Теперешнее свое положение, с точки которого я буду оглядывать и описывать свою жизнь, я избрал потому, что я нахожусь только теперь, не более, как год, в таком душевном состоянии спокойствия, ясности и твердости, в каком я до сего никогда в жизни не был.
с 1828 по 1833
Вот первые мои воспоминания. Я связан, мне хочется выпростать руки, и я не могу этого сделать. Я кричу и плачу, и мне самому неприятен мой крик, но я не могу остановиться. Надо мной стоят нагнувшись кто-то, я не помню кто, и все это в полутьме, но я помню, что двое, и крик мои действует на них: они тревожатся от моего крика, но не развязывают меня, чего я хочу, и я кричу еще громче. Им кажется, что это нужно (то есть то, чтобы я был связан), тогда как я знаю, что это не нужно, и хочу доказать им это, и я заливаюсь криком противным для самого меня, но неудержимым.

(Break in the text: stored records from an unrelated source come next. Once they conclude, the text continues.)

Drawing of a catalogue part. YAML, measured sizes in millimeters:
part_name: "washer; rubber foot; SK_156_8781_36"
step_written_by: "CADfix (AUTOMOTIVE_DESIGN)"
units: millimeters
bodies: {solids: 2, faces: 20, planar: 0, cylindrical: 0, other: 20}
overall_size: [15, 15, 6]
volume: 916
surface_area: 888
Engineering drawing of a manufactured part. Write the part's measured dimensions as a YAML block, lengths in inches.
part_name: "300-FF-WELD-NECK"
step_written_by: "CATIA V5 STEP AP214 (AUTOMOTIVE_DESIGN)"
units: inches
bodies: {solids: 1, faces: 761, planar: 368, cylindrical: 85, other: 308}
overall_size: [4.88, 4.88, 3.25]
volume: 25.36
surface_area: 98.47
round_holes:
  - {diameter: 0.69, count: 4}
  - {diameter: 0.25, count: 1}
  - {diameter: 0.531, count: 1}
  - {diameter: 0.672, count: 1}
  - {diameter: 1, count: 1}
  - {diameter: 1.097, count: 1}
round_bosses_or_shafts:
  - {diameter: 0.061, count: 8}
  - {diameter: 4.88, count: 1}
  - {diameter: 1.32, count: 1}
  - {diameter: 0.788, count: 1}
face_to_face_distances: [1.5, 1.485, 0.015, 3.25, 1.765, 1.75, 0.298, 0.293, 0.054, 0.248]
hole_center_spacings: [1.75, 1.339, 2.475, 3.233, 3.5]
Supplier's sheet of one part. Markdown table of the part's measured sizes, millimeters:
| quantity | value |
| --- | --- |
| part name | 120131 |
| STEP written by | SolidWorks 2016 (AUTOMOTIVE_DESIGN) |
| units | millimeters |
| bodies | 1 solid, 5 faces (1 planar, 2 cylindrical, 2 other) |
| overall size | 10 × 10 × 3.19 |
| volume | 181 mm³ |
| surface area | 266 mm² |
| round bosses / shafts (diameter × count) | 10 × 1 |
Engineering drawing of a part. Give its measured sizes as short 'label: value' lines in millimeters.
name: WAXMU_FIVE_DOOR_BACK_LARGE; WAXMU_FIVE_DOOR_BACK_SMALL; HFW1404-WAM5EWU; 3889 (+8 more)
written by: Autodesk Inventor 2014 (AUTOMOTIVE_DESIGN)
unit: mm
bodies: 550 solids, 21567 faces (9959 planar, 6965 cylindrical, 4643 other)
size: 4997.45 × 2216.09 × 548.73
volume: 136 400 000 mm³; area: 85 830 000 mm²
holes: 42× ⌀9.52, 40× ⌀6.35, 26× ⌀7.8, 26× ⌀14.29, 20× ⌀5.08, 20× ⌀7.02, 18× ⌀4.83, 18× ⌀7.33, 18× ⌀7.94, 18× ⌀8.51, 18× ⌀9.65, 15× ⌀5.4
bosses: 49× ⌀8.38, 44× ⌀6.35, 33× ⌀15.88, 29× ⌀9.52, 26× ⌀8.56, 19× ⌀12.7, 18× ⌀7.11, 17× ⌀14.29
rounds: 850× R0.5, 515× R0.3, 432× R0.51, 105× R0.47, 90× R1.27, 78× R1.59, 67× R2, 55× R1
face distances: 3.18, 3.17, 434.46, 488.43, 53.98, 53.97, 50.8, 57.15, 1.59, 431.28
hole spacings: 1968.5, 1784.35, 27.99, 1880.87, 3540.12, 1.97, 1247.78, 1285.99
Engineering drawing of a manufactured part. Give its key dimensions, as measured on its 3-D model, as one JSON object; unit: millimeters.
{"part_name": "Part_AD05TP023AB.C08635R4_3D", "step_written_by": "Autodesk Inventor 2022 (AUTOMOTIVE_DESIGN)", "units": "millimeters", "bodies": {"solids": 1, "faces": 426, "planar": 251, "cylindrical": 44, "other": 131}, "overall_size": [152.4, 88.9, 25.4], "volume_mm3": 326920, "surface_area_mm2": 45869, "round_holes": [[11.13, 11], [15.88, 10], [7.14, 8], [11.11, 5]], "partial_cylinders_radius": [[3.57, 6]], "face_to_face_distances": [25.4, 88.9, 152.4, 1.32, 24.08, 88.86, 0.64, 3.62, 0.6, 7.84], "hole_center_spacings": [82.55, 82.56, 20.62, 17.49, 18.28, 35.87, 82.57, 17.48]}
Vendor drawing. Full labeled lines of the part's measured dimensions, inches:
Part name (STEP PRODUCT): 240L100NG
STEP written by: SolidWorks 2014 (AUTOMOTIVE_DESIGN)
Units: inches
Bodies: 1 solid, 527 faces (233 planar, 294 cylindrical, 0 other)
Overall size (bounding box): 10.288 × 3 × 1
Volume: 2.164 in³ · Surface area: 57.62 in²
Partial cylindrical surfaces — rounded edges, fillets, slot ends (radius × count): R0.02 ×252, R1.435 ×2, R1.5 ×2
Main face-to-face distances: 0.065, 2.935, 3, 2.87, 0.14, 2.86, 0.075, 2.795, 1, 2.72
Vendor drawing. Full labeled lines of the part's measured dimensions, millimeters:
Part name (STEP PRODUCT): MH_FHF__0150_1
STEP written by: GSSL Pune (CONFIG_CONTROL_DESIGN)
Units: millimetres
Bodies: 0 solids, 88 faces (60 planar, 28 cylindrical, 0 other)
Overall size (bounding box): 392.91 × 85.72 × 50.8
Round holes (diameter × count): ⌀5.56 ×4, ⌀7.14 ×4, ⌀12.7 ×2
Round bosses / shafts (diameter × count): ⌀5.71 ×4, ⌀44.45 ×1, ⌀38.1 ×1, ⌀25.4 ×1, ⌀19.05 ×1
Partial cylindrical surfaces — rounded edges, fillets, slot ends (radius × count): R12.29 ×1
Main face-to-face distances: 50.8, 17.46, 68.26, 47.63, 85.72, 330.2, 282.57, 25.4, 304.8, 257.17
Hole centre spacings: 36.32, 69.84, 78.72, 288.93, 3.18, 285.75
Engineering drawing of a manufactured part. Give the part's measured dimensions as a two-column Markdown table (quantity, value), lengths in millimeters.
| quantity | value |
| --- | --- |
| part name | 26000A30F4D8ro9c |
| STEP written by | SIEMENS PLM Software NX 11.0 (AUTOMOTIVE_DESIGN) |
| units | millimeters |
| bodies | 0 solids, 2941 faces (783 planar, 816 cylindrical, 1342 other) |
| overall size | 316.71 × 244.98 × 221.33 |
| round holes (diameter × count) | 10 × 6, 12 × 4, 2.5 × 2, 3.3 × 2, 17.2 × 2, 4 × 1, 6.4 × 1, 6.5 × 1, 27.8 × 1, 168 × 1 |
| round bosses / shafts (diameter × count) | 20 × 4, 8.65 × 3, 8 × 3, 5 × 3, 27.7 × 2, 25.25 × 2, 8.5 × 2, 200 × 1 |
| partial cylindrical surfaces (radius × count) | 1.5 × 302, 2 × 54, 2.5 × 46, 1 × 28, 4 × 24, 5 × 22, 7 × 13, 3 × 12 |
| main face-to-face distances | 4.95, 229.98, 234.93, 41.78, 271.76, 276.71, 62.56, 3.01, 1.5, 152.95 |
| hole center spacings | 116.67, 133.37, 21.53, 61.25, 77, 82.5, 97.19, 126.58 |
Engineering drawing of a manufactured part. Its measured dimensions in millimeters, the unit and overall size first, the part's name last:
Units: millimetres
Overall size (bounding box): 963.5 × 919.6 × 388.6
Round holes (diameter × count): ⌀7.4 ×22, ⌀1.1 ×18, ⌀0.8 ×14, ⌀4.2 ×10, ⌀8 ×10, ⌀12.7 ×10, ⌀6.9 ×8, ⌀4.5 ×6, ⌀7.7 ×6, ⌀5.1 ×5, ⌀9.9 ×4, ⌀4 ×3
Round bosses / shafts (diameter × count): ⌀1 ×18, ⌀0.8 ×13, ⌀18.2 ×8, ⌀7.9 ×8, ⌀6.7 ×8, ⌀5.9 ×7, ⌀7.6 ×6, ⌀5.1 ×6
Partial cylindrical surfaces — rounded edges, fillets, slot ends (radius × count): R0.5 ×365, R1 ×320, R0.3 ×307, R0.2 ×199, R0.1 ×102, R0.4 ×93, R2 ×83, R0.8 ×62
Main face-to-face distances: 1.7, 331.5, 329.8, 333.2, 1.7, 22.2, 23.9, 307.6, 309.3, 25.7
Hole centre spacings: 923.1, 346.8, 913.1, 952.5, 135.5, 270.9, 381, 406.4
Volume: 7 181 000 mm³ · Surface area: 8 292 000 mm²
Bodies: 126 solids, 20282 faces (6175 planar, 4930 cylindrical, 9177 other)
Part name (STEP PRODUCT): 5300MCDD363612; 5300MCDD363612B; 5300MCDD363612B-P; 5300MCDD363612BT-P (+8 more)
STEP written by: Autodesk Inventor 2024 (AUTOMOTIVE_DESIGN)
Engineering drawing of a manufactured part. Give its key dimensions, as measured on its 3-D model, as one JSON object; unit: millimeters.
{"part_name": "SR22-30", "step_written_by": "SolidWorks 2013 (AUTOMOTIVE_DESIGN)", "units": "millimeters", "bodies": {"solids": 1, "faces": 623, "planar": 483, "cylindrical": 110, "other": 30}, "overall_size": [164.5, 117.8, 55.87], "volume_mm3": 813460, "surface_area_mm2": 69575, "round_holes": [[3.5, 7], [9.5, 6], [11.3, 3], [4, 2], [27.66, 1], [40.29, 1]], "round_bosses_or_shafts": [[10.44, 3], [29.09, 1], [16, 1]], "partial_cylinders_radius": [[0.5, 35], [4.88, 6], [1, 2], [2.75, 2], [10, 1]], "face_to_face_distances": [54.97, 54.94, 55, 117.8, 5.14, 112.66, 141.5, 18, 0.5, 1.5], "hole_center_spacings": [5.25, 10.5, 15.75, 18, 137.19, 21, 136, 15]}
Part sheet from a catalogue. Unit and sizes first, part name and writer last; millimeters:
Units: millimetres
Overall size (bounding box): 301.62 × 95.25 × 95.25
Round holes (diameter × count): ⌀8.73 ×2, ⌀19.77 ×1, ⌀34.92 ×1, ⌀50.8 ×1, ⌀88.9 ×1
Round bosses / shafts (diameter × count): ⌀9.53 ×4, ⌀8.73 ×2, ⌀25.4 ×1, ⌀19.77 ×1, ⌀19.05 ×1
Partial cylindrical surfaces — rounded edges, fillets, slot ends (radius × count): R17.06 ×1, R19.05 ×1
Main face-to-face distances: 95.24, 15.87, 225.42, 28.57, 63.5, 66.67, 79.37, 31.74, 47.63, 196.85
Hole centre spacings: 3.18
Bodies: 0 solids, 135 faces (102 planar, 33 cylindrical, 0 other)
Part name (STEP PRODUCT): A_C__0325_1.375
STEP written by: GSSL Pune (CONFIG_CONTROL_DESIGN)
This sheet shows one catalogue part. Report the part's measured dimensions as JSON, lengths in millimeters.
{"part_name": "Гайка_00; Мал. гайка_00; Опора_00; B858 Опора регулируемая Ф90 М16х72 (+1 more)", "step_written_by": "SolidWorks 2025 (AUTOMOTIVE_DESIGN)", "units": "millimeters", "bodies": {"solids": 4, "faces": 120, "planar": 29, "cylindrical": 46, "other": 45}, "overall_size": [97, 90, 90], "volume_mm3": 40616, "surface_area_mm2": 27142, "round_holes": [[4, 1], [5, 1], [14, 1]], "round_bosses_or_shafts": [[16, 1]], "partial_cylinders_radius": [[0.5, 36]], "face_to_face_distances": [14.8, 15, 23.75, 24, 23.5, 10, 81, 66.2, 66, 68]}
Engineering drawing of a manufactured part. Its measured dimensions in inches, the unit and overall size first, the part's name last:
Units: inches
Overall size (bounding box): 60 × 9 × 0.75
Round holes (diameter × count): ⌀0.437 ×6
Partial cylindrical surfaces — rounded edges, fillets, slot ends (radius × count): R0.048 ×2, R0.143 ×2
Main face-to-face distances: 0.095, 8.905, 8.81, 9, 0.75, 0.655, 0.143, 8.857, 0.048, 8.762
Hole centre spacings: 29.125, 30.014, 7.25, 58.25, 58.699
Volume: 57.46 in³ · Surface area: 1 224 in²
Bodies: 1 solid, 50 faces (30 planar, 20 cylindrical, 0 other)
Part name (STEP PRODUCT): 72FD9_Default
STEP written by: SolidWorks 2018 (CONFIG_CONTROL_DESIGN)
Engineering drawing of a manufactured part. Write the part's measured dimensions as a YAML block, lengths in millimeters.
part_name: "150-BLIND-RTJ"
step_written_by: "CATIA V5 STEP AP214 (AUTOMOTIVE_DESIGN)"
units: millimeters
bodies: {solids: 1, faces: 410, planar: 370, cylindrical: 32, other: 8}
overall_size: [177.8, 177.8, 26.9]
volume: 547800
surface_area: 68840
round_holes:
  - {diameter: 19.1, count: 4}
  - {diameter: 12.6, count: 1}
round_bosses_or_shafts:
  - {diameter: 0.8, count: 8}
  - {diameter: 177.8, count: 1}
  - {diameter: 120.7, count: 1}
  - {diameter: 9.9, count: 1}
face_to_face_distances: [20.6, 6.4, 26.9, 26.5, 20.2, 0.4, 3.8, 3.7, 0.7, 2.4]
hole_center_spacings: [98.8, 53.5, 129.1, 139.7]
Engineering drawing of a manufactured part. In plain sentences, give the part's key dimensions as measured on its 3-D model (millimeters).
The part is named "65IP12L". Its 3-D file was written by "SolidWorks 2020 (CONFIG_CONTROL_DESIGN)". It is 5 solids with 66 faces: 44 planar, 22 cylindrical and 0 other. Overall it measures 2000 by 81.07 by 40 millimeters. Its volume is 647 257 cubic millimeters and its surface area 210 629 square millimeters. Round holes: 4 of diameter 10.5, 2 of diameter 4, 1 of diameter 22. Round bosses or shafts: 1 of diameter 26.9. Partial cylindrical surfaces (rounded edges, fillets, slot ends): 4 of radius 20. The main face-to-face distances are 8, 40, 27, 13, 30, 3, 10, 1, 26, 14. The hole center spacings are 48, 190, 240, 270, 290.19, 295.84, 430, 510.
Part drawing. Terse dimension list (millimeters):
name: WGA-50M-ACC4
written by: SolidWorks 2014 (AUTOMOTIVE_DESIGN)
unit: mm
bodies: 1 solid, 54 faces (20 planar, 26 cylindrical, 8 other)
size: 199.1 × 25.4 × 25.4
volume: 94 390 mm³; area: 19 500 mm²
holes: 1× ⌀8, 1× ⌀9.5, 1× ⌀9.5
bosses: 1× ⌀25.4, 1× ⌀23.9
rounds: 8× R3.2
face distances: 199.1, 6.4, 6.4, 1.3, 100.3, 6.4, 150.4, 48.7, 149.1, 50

Я чувствую несправедливость и жестокость не людей, потому что они жалеют меня, но судьбы и жалость над самим собою. Я не знаю и никогда не узнаю, что такое это было: пеленали ли меня, когда я был грудной, и я выдирал руки или это пеленали меня, уже когда мне было больше года, чтобы я не расчесывал лишаи, собрал ли я в одно это воспоминание, как то бывает во сне, много впечатлений, но верно то, что это было первое и самое сильное мое впечатление жизни. И памятно мне не крик мой, не страданье, но сложность, противуречивость впечатления. Мне хочется свободы, она никому не мешает, и меня мучают. Им меня жалко, и они завязывают меня, и я, кому все нужно, я слаб, а они сильны.
Другое воспоминание радостное. Я сижу в корыте, и меня окружает странный, новый, не неприятный кислый запах какого-то вещества, которым трут мое голенькое тельце. Вероятно, это были отруби, и, вероятно, в воде и корыте меня мыли каждый день, но новизна впечатления отрубей разбудила меня, и я в первый раз заметил и полюбил мое тельце с видными мне ребрами на груди, и гладкое темное корыто, и засученные руки няни, и теплую парную стращенную воду, и звук ее, и в особенности ощущение гладкости мокрых краев корыта, когда я водил по ним ручонками. Странно и страшно подумать, что от рождения моего и до трех, четырех лет, в то время, когда я кормился грудью, меня отняли от груди, я стал ползать, ходить, говорить, сколько бы я ни искал в своей памяти, я не могу найти ни одного воспоминания, кроме этих двух. Когда же я начался? Когда начал жить? И почему мне радостно представлять себя тогда, а бывало страшно, как и теперь страшно многим, представлять себя тогда, когда я опять вступлю в то состояние смерти, от которого не будет воспоминаний, выразимых словами. Разве я не жил тогда, эти первые года, когда учился смотреть, слушать, понимать, говорить, спал, сосал грудь и целовал грудь, и смеялся, и радовал мою мать? Я жил, и блаженно жил. Разве не тогда я приобретал все то, чем я теперь живу, и приобретал так много, так быстро, что во всю остальную жизнь я не приобрел и 1/100 того. От пятилетнего ребенка до меня только шаг. А от новорожденного до пятилетнего — страшное расстояние. От зародыша до новорожденного — пучина. А от несуществования до зародыша отделяет уже не пучина, а непостижимость. Мало того, что пространство и время и причина суть формы мышления и что сущность жизни вне этих форм, но вся жизнь наша есть большее и большее подчинение себя этим формам и потом опять освобождение от них.